Inbox experiencing degraded performance

Write-up

Between 03:30 and 06:00 UTC on 5th November 2024, many features of Intercom in the USA hosting region were slow or not working. The causes of the problem was the failure of the background job processing system due to a DNS related configuration change, the failure to detect the failure before it was rolled out to production, delays in diagnosing the problem and our inability to quickly roll the problem back. While no data was lost, there were significant delays in large parts of Intercom including conversations being updated, Fin AI Agent answering questions, webhooks being delivered, and freshness of data in the Intercom platform.

The cause of the problem was a change to DNS resolution on the Intercom server fleet. A caching resolver was added on the Linux server image, which was a follow-up from a previous outage, and a fix for occasional delays with DNS resolution on the server fleet. This Linux server image had been successfully rolled out to numerous applications without issue prior to this outage.

The Intercom application in the USA uses a private DNS zone to lookup which ProxySQL cluster to use for the MySQL databases it uses. No other production service in Intercom uses a private DNS zone. Unknown to us before the incident, the caching DNS resolver we used, unbound, behaves differently in our environment depending on whether the hosts had outbound access to make DNS requests to the Internet, and when the DNS resolver could make queries to the Internet, the private DNS records were not resolvable. This was not surfaced in testing or through the rollouts to other applications.

Linux server images are automatically built and we replace every application server at Intercom with the new image on a weekly basis to ensure the security and consistency of our platform. At 03:00 UTC a deployment with the server image with the DNS caching resolver began. It successfully passed through our staging and pre-prod testing environments without issue. These environments could not make DNS queries to the Internet, and so the failure to resolve the internal records was not present in those environments. Once all of the approval steps were completed, the server image started rolling out to our production environment at 03:27 UTC. By 03:44 UTC numerous alerts started firing as background worker servers started being replaced by servers that could not boot their Ruby on Rails processes due to not being able to resolve the ProxySQL endpoints, and backlogs of work to process started building. Web servers were not impacted by the rollout as the replacement hosts were healthchecked before they replaced the existing servers.

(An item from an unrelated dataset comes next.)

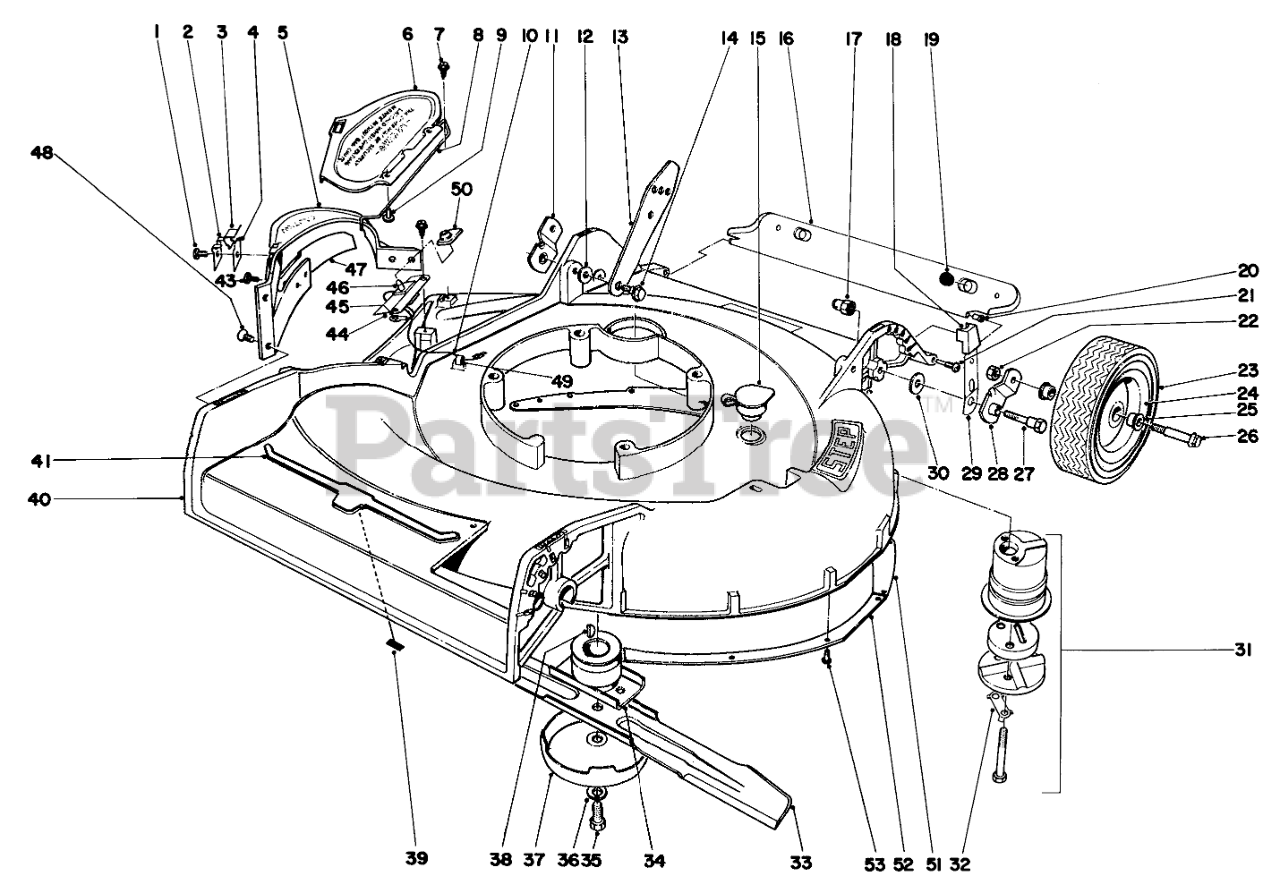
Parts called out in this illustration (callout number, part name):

Our standard out-of-hours oncall responded to the alarms, and soon after our incident management process was followed, and further engineering assistance was engaged. By 04:48 UTC the Linux server image rollout had been identified as the cause and a rollback was initiated. This rollback needed to pass through all of the pre-production safety checks, and then failed upon reaching the production environment, due to deployments being locked because of a speculative rollback of the Intercom application due to the outage. The server image rollout was retried, and at 05:46 started rolling out to the production environment. Prior to this rollout we had manually repaired a small number of critical workers that allowed functionality such as conversation updates and webhook delivery to recover sooner, and had prepared a script to rapidly roll out the new server image. By 06:00 UTC the vast majority of the background work had been processed and all features were fully functional.

We will follow-up to this outage by making server image rollouts more robust and further simplifying the environment to remove the use of private DNS records. As always we apologize for the outage and any disruption to your business.